Biological Interpretation
Spatial data is a hypothesis generator, not proof. Detecting ligand-receptor pairs in adjacent cells generates candidates for cell-cell communication, but confirmation requires perturbation — knocking out the ligand or receptor and measuring the effect on the recipient cell. A correlation between a gene’s spatial expression pattern and a tissue compartment is suggestive of compartment-specific function, but the same correlation can arise from technical artifacts (tissue edge effects, permeabilization gradients) or from correlated but non-causal biological processes.
The deconvolution of multi-cell spots is a statistical inference, not a measurement. Results depend heavily on the quality and relevance of the scRNA-seq reference used. A deconvolution that assigns 30% T-cells to every tumor spot likely reflects a reference artifact (e.g., shared stress-response genes between T-cells and tumor cells) rather than true T-cell infiltration. Validating deconvolution results against independent methods (immunohistochemistry, flow cytometry) is essential but rarely done.
Spatial autocorrelation (Moran’s \(I\)) identifies spatially variable genes, but biological interpretation requires distinguishing genuine compartment-specific expression from technical artifacts. A gene with high Moran’s \(I\) that encodes a known structural protein of the extracellular matrix is plausibly compartment-specific; a gene with high Moran’s \(I\) that is uniformly expressed in bulk RNA-seq is more likely an artifact of uneven tissue permeabilization.
Current Landscape (Q2 2026)
- Visium HD (2 \(\mu\)m pixels) bridges the resolution gap between sequencing-based and imaging-based spatial transcriptomics, achieving near-single-cell resolution with whole-transcriptome coverage — the first technology to do so at scale.
- Xenium v2 (10x) supports panels up to 5,000 genes with subcellular resolution, enabling pathway-level analysis without whole-transcriptome requirement while maintaining the single-molecule resolution needed for subcellular localization.
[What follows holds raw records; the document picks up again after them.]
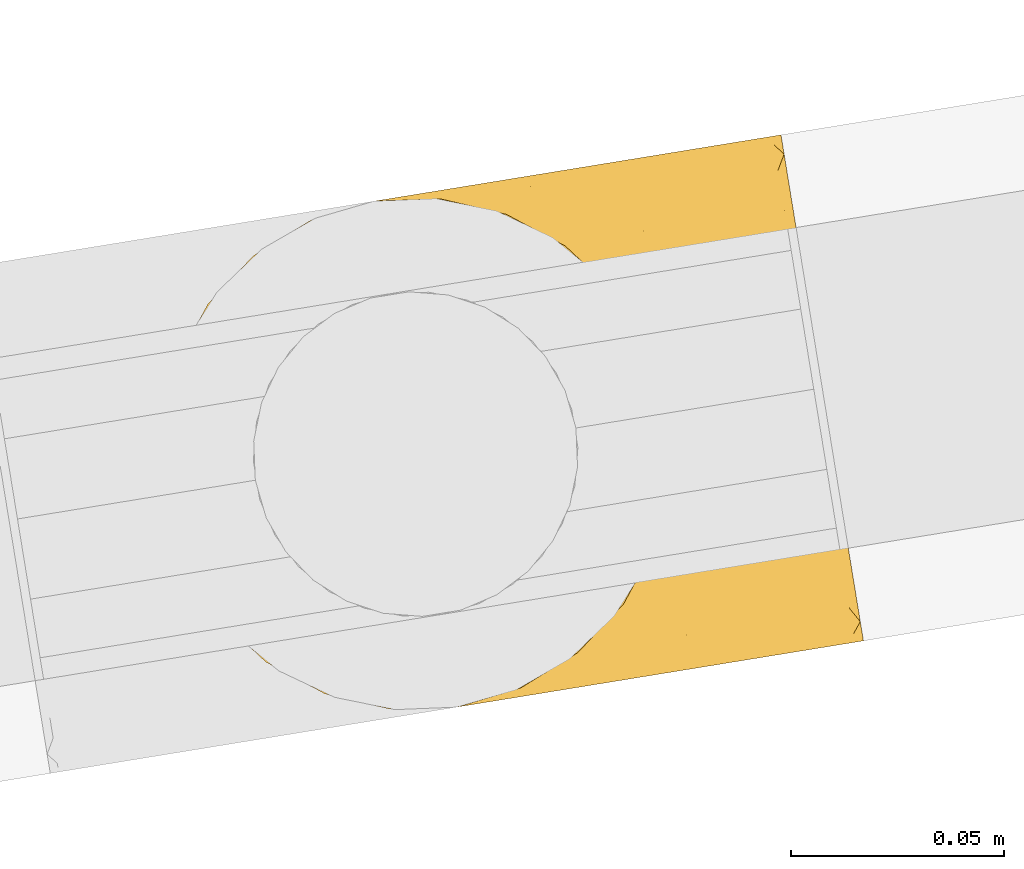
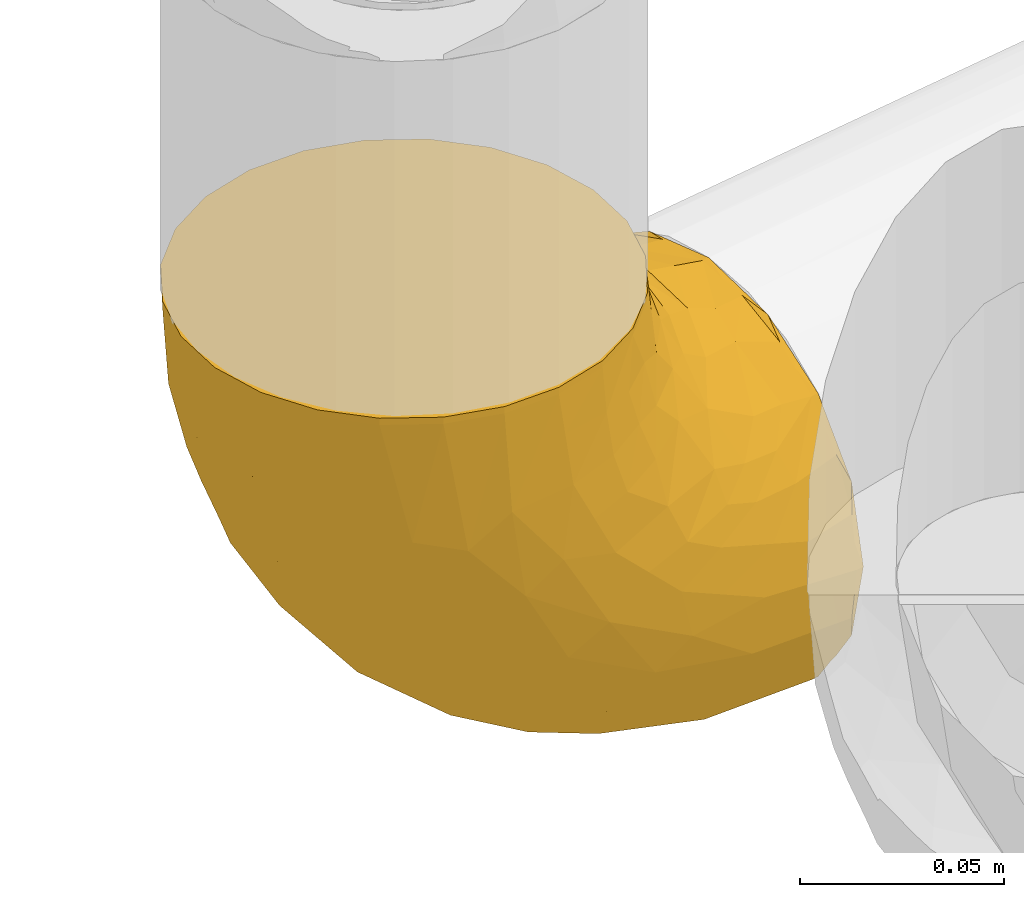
# One storey, part 16 of 56: 1 covering.
"""IFC2X3 building model written with IfcOpenShell, lengths in millimetres."""

from ifc_helpers import new_model, entity, si_unit, converted_unit, derived_unit, direction, frame, origin, origin_with_axes, place, context, subcontext, project, spatial, faceted_brep, material, type_object, element, save


model = new_model("IFC2X3")

# Units and contexts
model_context = context("Model", 3, precision=0.01, world=origin(), true_north=direction((6.12323399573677e-17, 1.0)))
plan_context = context("Plan", 3, precision=1e-05, world=origin_with_axes())
body_context = subcontext(model_context, "Body", "Model", "MODEL_VIEW")
ifc_project = project(units=[converted_unit("PLANEANGLEUNIT", "DEGREE", entity("IfcPositiveLengthMeasure", 0.0174532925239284), si_unit("PLANEANGLEUNIT", "RADIAN"), dimensions=[0, 0, 0, 0, 0, 0, 0]), si_unit("AREAUNIT", "SQUARE_METRE"), si_unit("LENGTHUNIT", "METRE", prefix="MILLI"), si_unit("MASSUNIT", "GRAM", prefix="KILO"), si_unit("POWERUNIT", "WATT"), si_unit("PRESSUREUNIT", "PASCAL", prefix="KILO"), si_unit("FORCEUNIT", "NEWTON", prefix="KILO"), si_unit("ELECTRICVOLTAGEUNIT", "VOLT"), si_unit("ELECTRICCURRENTUNIT", "AMPERE"), si_unit("THERMODYNAMICTEMPERATUREUNIT", "DEGREE_CELSIUS"), si_unit("TIMEUNIT", "SECOND"), si_unit("VOLUMEUNIT", "CUBIC_METRE"), derived_unit("LINEARVELOCITYUNIT", [(si_unit("LENGTHUNIT", "METRE"), 1), (si_unit("TIMEUNIT", "SECOND"), -1)]), derived_unit("VOLUMETRICFLOWRATEUNIT", [(si_unit("VOLUMEUNIT", "CUBIC_METRE"), 1), (si_unit("TIMEUNIT", "SECOND"), -1)]), derived_unit("THERMALTRANSMITTANCEUNIT", [(si_unit("POWERUNIT", "WATT"), 1), (si_unit("THERMODYNAMICTEMPERATUREUNIT", "KELVIN"), -1), (si_unit("AREAUNIT", "SQUARE_METRE"), -1)]), derived_unit("SOUNDPRESSUREUNIT", [(si_unit("PRESSUREUNIT", "PASCAL"), 1)])], contexts=[model_context, plan_context])

# Site, building, storey
site_placement = place(None, frame((-3.09682673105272e-06, 1.93776733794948e-05, 0.0), z_axis=(0.0, 0.0, 1.0), x_axis=(-0.160806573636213, 0.986985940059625, 0.0)))
site = spatial("IfcSite", under=ifc_project, at=site_placement, Name="Default", CompositionType="ELEMENT")
building_placement = place(site_placement, frame((0.0, 0.0, 0.0), z_axis=(0.0, 0.0, 1.0), x_axis=(1.0, -2.77555756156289e-17, 0.0)))
building = spatial("IfcBuilding", under=site, at=building_placement, Name="Bygning (endres i Project Information)", CompositionType="ELEMENT")
storey_placement = place(building_placement, frame((0.0, 0.0, 51360.0000000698), z_axis=(0.0, 0.0, 1.0), x_axis=(1.0, -2.77555756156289e-17, 0.0)))
storey = spatial("IfcBuildingStorey", under=building, at=storey_placement, Name="H01-Nivå D+0,36", CompositionType="ELEMENT", Elevation=51360.0000000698)

# Covering
ifc_material = material(Name="3700.001 Tur")
covering_type = type_object("IfcCoveringType", Name="Pipe Insulation:GLAVA avløpsisol. slange økende 19mm (15,5-25,0)", PredefinedType="INSULATION")
covering_placement = place(storey_placement, frame((1011826.7223707, -395725.815734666, 3238.35472776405), z_axis=(0.0, 0.0, 1.0), x_axis=(1.0, -2.77555756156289e-17, 0.0)))
element("IfcCovering", 1, at=covering_placement, inside=storey, type_object=covering_type, material=ifc_material, Name="Pipe Insulation:GLAVA avløpsisol. slange økende 19mm (15,5-25,0)", ObjectType="Pipe Insulation:GLAVA avløpsisol. slange økende 19mm (15,5-25,0)", PredefinedType="INSULATION", context=body_context, shape_type="Brep", body=[
    faceted_brep([(12.6749081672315, 0.0, 28.9243210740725), (19.1835100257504, 0.0, 19.1835100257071), (28.9243210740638, 0.0, 12.6749081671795), (38.6651321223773, 0.0, 6.16630630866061), (50.15520217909, 0.0, 3.88078927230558), (61.6452722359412, 0.0, 1.59527223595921), (73.1353422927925, 0.0, 3.88078927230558), (84.6254123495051, 0.0, 6.16630630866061), (94.3662233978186, 0.0, 12.6749081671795), (104.107034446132, 0.0, 19.1835100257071), (110.615636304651, 0.0, 28.9243210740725), (117.124238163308, 0.0, 38.665132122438), (119.409755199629, 0.0, 50.1552021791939), (121.695272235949, 0.0, 61.6452722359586), (119.409755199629, 0.0, 73.1353422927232), (117.124238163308, 0.0, 84.6254123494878), (110.615636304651, 0.0, 94.3662233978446), (104.107034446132, 0.0, 104.10703444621), (94.3662233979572, 0.0, 110.615636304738), (84.6254123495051, 0.0, 117.124238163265), (73.1353422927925, 0.0, 119.409755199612), (61.6452722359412, 0.0, 121.695272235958), (50.15520217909, 0.0, 119.409755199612), (38.6651321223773, 0.0, 117.124238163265), (28.9243210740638, 0.0, 110.615636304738), (19.1835100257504, 0.0, 104.10703444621), (12.6749081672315, 0.0, 94.3662233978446), (6.16630630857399, 0.0, 84.6254123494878), (3.88078927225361, 0.0, 73.1353422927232), (1.59527223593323, 0.0, 61.6452722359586), (3.88078927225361, 0.0, 50.1552021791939), (6.16630630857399, 0.0, 38.665132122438), (84.4288140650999, 151.504335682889, 158.145272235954), (77.1873558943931, 154.503845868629, 158.145272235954), (70.0046048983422, 155.449472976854, 158.145272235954), (61.6452722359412, 156.549999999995, 158.145272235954), (53.8742304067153, 155.526922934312, 158.145272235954), (46.1031885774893, 154.503845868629, 158.145272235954), (38.8617304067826, 151.504335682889, 158.145272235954), (31.6202722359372, 148.504825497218, 158.145272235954), (25.4018911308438, 143.733293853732, 158.145272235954), (19.1835100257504, 138.961762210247, 158.145272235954), (14.4119783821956, 132.743381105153, 158.145272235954), (9.64044673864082, 126.524999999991, 158.145272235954), (6.64093655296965, 119.283541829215, 158.145272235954), (3.64142636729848, 112.042083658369, 158.145272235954), (2.69579925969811, 104.859332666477, 158.145272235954), (1.59527223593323, 96.4999999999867, 158.145272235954), (2.61834930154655, 88.7289581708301, 158.145272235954), (3.64142636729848, 80.9579163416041, 158.145272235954), (6.64093655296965, 73.7164581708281, 158.145272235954), (9.64044673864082, 66.4749999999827, 158.145272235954), (14.4119783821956, 60.25661889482, 158.145272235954), (19.1835100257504, 54.0382377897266, 158.145272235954), (25.4018911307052, 49.2667061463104, 158.145272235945), (31.6202722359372, 44.4951745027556, 158.145272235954), (38.8617304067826, 41.4956643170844, 158.145272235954), (46.1031885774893, 38.496154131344, 158.145272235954), (53.2859395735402, 37.5505270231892, 158.145272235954), (61.6452722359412, 36.4499999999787, 158.145272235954), (69.4163140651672, 37.4730770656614, 158.145272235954), (77.1873558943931, 38.496154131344, 158.145272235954), (84.4288140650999, 41.4956643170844, 158.145272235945), (91.6702722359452, 44.4951745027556, 158.145272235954), (97.8886533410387, 49.2667061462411, 158.145272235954), (104.107034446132, 54.0382377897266, 158.145272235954), (108.878566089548, 60.2566188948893, 158.145272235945), (113.650097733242, 66.4749999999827, 158.145272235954), (116.649607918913, 73.7164581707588, 158.145272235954), (119.649118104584, 80.9579163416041, 158.145272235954), (120.594745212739, 88.1406673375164, 158.145272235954), (121.695272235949, 96.4999999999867, 158.145272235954), (120.672195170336, 104.271041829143, 158.145272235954), (119.649118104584, 112.042083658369, 158.145272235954), (116.649607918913, 119.283541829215, 158.145272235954), (113.650097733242, 126.524999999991, 158.145272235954), (108.878566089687, 132.743381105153, 158.145272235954), (104.107034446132, 138.961762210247, 158.145272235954), (97.8886533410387, 143.733293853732, 158.145272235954), (91.6702722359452, 148.504825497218, 158.145272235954), (46.1031885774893, 154.503845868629, 156.145272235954), (61.6452722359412, 156.549999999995, 156.145272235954), (53.2859395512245, 155.449472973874, 156.145272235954), (31.6202722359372, 148.504825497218, 156.145272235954), (38.861730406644, 151.504335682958, 156.145272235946), (25.4018911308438, 143.733293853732, 156.145272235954), (19.1835100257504, 138.961762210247, 156.145272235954), (9.64044673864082, 126.524999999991, 156.145272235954), (14.4119783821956, 132.743381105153, 156.145272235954), (3.64142636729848, 112.042083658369, 156.145272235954), (6.64093655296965, 119.283541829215, 156.145272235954), (2.61834930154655, 104.271041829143, 156.145272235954), (1.59527223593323, 96.4999999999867, 156.145272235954), (2.69579925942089, 88.1406673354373, 156.145272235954), (2.99407838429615, 85.8750124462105, 156.145272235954), (3.64142636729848, 80.9579163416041, 156.145272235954), (9.64044673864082, 66.4749999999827, 156.145272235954), (6.64093655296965, 73.7164581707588, 156.145272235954), (14.4119783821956, 60.25661889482, 156.145272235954), (19.1835100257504, 54.0382377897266, 156.145272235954), (31.6202722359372, 44.4951745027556, 156.145272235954), (25.4018911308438, 49.2667061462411, 156.145272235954), (46.1031885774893, 38.496154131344, 156.145272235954), (38.8617304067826, 41.4956643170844, 156.145272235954), (53.8742304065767, 37.4730770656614, 156.145272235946), (61.6452722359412, 36.4499999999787, 156.145272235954), (77.1873558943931, 38.496154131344, 156.145272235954), (70.0046048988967, 37.5505270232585, 156.145272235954), (91.6702722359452, 44.4951745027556, 156.145272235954), (84.4288140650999, 41.4956643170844, 156.145272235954), (97.8886533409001, 49.2667061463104, 156.145272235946), (104.107034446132, 54.0382377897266, 156.145272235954), (113.650097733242, 66.4749999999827, 156.145272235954), (108.878566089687, 60.25661889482, 156.145272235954), (119.649118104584, 80.9579163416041, 156.145272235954), (116.649607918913, 73.7164581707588, 156.145272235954), (120.296466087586, 85.8750124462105, 156.145272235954), (120.672195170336, 88.7289581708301, 156.145272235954), (121.695272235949, 96.4999999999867, 156.145272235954), (119.649118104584, 112.042083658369, 156.145272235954), (120.594745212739, 104.859332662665, 156.145272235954), (113.650097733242, 126.524999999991, 156.145272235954), (116.649607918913, 119.283541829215, 156.145272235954), (108.878566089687, 132.743381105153, 156.145272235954), (104.107034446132, 138.961762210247, 156.145272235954), (91.6702722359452, 148.504825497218, 156.145272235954), (97.8886533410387, 143.733293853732, 156.145272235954), (77.1873558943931, 154.503845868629, 156.145272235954), (84.4288140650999, 151.504335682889, 156.145272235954), (69.4163140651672, 155.526922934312, 156.145272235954), (61.6452722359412, 42.0004834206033, 6.86143578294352), (50.874360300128, 28.4061816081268, 4.85633208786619), (48.3123405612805, 66.8176923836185, 17.4970961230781), (61.6452722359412, 151.283836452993, 116.144788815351), (50.8743603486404, 153.28894006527, 129.739090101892), (40.1140278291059, 138.43438143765, 92.4811097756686), (29.0681267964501, 134.144438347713, 96.5885905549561), (40.5629880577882, 148.119588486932, 119.160590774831), (26.8652987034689, 142.732214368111, 128.340793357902), (6.2538791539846, 103.184564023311, 96.0393535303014), (9.32891480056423, 118.904536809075, 114.864782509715), (15.7793795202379, 116.677739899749, 88.2689784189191), (30.9943885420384, 100.860670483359, 48.520907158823), (43.033171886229, 122.592591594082, 64.2876891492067), (46.1252897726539, 94.5183470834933, 34.9034338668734), (2.60271791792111, 94.1873799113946, 104.940499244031), (3.35496170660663, 79.0255659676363, 79.1197072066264), (1.59527223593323, 78.4521059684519, 100.599565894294), (16.4717971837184, 130.738697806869, 118.733085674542), (25.2721583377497, 116.858258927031, 72.1727217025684), (61.6452722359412, 111.283353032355, 46.8619192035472), (61.6452722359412, 79.2749999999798, 22.3010460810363), (61.6452722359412, 135.844226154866, 78.8702722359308), (4.10209138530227, 109.248734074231, 125.036729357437), (6.25387908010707, 62.1059203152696, 54.9607093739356), (8.17011244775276, 88.1401035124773, 70.0051707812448), (1.59527223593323, 85.1634733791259, 113.771366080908), (1.59527223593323, 91.8748407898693, 126.943166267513), (51.0085878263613, 145.293239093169, 100.826681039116), (16.4717967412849, 39.4121875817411, 27.406575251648), (15.7793792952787, 69.8762968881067, 41.467534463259), (29.0681253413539, 61.5566846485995, 24.0008362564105), (40.5629880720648, 38.9846813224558, 10.0256837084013), (46.1031885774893, 2.0, 3.64142636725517), (38.8617304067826, 2.0, 6.6409365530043), (31.6202722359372, 2.0, 9.64044673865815), (26.8652981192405, 29.8044794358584, 15.4130584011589), (25.4018911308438, 2.0, 14.4119783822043), (19.1835100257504, 2.0, 19.1835100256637), (61.6452722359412, 2.0, 1.5952722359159), (53.8742304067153, 2.0, 2.61834930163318), (9.32891462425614, 43.2804911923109, 39.2407362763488), (9.64044673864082, 2.0, 31.6202722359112), (6.64093655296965, 2.0, 38.8617304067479), (3.64142636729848, 2.0, 46.1031885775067), (14.4119783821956, 2.0, 25.4018911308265), (1.59527223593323, 57.5457063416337, 79.6931662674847), (1.59527223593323, 67.9989061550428, 90.1463660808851), (2.6027179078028, 53.2047737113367, 63.9578927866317), (4.1020913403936, 33.1085435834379, 48.8965385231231), (1.59527223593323, 31.202105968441, 66.270431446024), (1.59527223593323, 2.0, 61.6452722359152), (1.59527223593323, 14.7966155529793, 63.6720570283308), (1.59527223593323, 44.3739061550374, 72.98179885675), (38.4156117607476, 76.0964222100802, 25.867792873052), (2.61834930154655, 2.0, 53.8742304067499), (17.5329938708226, 97.6322626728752, 60.5130135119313), (1.59527223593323, 94.4732153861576, 143.348657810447), (30.453594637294, 26.3881555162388, 120.50419746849), (45.3850170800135, 19.8213005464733, 124.070288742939), (39.6602346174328, 30.495068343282, 130.078513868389), (3.64833911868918, 79.6755573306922, 142.117064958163), (3.2176443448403, 77.7956794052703, 128.62883256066), (35.7453885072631, 41.3921957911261, 147.533586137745), (19.0905134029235, 51.2599985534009, 139.082463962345), (32.0600621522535, 39.3569033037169, 136.422330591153), (7.1678522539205, 66.4255659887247, 130.785364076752), (6.53844542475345, 61.7611370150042, 118.478414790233), (11.6121890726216, 57.397905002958, 129.916934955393), (2.87864533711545, 73.6921423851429, 116.031663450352), (4.10903521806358, 59.8559552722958, 104.870233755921), (19.6892528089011, 11.105458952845, 105.417545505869), (18.442420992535, 21.0489355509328, 106.909255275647), (12.6384382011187, 18.495195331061, 98.668926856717), (2.61834930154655, 2.0, 69.4163140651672), (2.99407837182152, 2.0, 72.2702596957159), (3.64142636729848, 2.0, 77.1873558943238), (7.16352338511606, 69.7763679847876, 141.952476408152), (12.7756283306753, 60.2362581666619, 143.451789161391), (46.8445885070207, 35.2954551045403, 141.678469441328), (28.5046498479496, 35.1684660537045, 126.594306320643), (18.6122281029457, 35.474407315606, 115.549145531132), (34.8214494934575, 13.4287309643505, 117.005756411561), (31.6202722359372, 2.0, 113.650097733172), (38.8617304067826, 2.0, 116.649607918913), (46.1031885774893, 2.0, 119.649118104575), (2.81174882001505, 54.7534216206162, 92.7490897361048), (6.64320962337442, 29.8078963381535, 91.4693001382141), (2.9890941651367, 44.0771599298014, 86.1872714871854), (3.24649436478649, 27.0781928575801, 79.6356612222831), (11.1155242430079, 29.7714545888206, 100.652594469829), (2.96958213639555, 16.2064688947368, 75.6631370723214), (9.64044673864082, 2.0, 91.6702722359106), (8.05093078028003, 16.1340663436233, 90.2295581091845), (19.1835100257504, 2.0, 104.107034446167), (13.3023469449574, 48.9737177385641, 120.648409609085), (21.705384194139, 43.9447950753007, 129.564302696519), (61.6452722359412, 10.6124999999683, 124.002984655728), (44.9928957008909, 11.3511933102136, 120.547927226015), (9.64933126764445, 40.6154890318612, 104.53242301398), (6.18578600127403, 39.3574666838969, 95.2125765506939), (61.6452722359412, 2.0, 121.695272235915), (61.6452722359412, 25.5297875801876, 132.61548465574), (61.6452722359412, 19.2249999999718, 126.310697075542), (50.8046760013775, 29.8232292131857, 134.199400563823), (61.6452722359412, 31.8345751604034, 138.92027223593), (14.4119783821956, 2.0, 97.8886533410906), (25.4018911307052, 2.0, 108.878566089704), (6.64093655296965, 2.0, 84.4288140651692), (53.8742304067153, 2.0, 120.672195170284), (104.200031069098, 51.2599985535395, 139.082463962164), (87.5451559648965, 41.3921957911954, 147.533586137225), (76.4459559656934, 35.2954551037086, 141.678469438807), (119.642205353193, 79.6755573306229, 142.117064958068), (121.695272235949, 94.4732153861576, 143.348657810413), (121.695272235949, 57.5457063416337, 79.6931662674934), (120.478798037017, 54.7534299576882, 92.7490814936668), (120.301449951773, 44.077157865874, 86.1872721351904), (77.9055273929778, 19.8213005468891, 124.070288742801), (92.8369498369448, 26.3881555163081, 120.504197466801), (83.6303098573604, 30.495068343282, 130.07851386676), (110.773465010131, 60.6680970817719, 143.724416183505), (116.468392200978, 70.3948101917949, 141.257647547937), (116.122692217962, 66.4255659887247, 130.785364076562), (120.411899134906, 73.6921423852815, 116.031663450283), (120.252303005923, 78.4327232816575, 128.101851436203), (121.695272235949, 91.8748407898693, 126.943166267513), (101.585160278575, 43.9447950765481, 129.564302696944), (104.678309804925, 35.4744037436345, 115.549151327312), (109.988197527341, 48.9737177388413, 120.648409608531), (94.7858946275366, 35.1684660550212, 126.594306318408), (91.230482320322, 39.3569033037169, 136.422330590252), (73.0698771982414, 26.1401484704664, 130.052599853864), (121.695272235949, 67.9989061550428, 90.1463660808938), (119.181510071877, 59.8559490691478, 104.870222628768), (78.2976487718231, 11.3511933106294, 120.547927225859), (121.695272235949, 14.7966155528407, 63.6720570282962), (119.649118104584, 2.0, 77.1873558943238), (120.296466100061, 2.0, 72.2702596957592), (120.672195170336, 2.0, 69.4163140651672), (121.695272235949, 2.0, 61.6452722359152), (113.641203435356, 40.6154761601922, 104.532434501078), (110.65210593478, 18.4951987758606, 98.6689283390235), (104.107034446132, 2.0, 104.107034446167), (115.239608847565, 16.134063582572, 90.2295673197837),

- SpaHDmap (2026) integrates histology images with transcriptomics via multimodal NMF for high-resolution spatial domain detection, linking tissue morphology to molecular architecture.
- Spatial multi-omics (RNA + protein + chromatin from the same section) is emerging from MERFISH and Xenium platforms, enabling multi-modal spatial analysis that links gene expression to protein abundance and chromatin state in anatomical context.
- In silico spatial inference (CytoSPACE, SpaGE) predicts spatial organization from scRNA-seq data alone by mapping cells to spatial coordinates using reference atlases, enabling spatial analysis without performing spatial experiments — but the predictions require experimental validation.
Summary and Required Reading
- Spatial transcriptomics faces a fundamental tradeoff — whole-transcriptome coverage (Visium, Slide-seq) vs. single-cell resolution (MERFISH, Xenium). Technology choice determines what questions can be addressed.
- Deconvolution (RCTD, Cell2location, CARD) estimates cell type composition per spot using scRNA-seq references — results depend critically on reference quality and relevance.
- Moran’s \(I\) quantifies spatial autocorrelation of gene expression; ligand-receptor inference identifies candidate cell-cell communication. Both require validation against artifacts.
- Registration aligns sequencing data to histology via affine transformations — registration quality directly determines anatomical interpretability.
- Spatial data is a hypothesis generator — correlations between expression patterns and tissue compartments suggest function but do not prove it. Perturbation experiments are required for confirmation.
Required Reading
- Ståhl et al.: “Visualization and analysis of gene expression in tissue sections by spatial transcriptomics” (Science, 2016).
- Cable et al.: “Robust decomposition of cell type mixtures in spatial transcriptomics” (Nature Biotechnology, 2022).
Johnson’s Rule: Without spatial context, single-cell data is headless — you know the molecules but not the anatomy.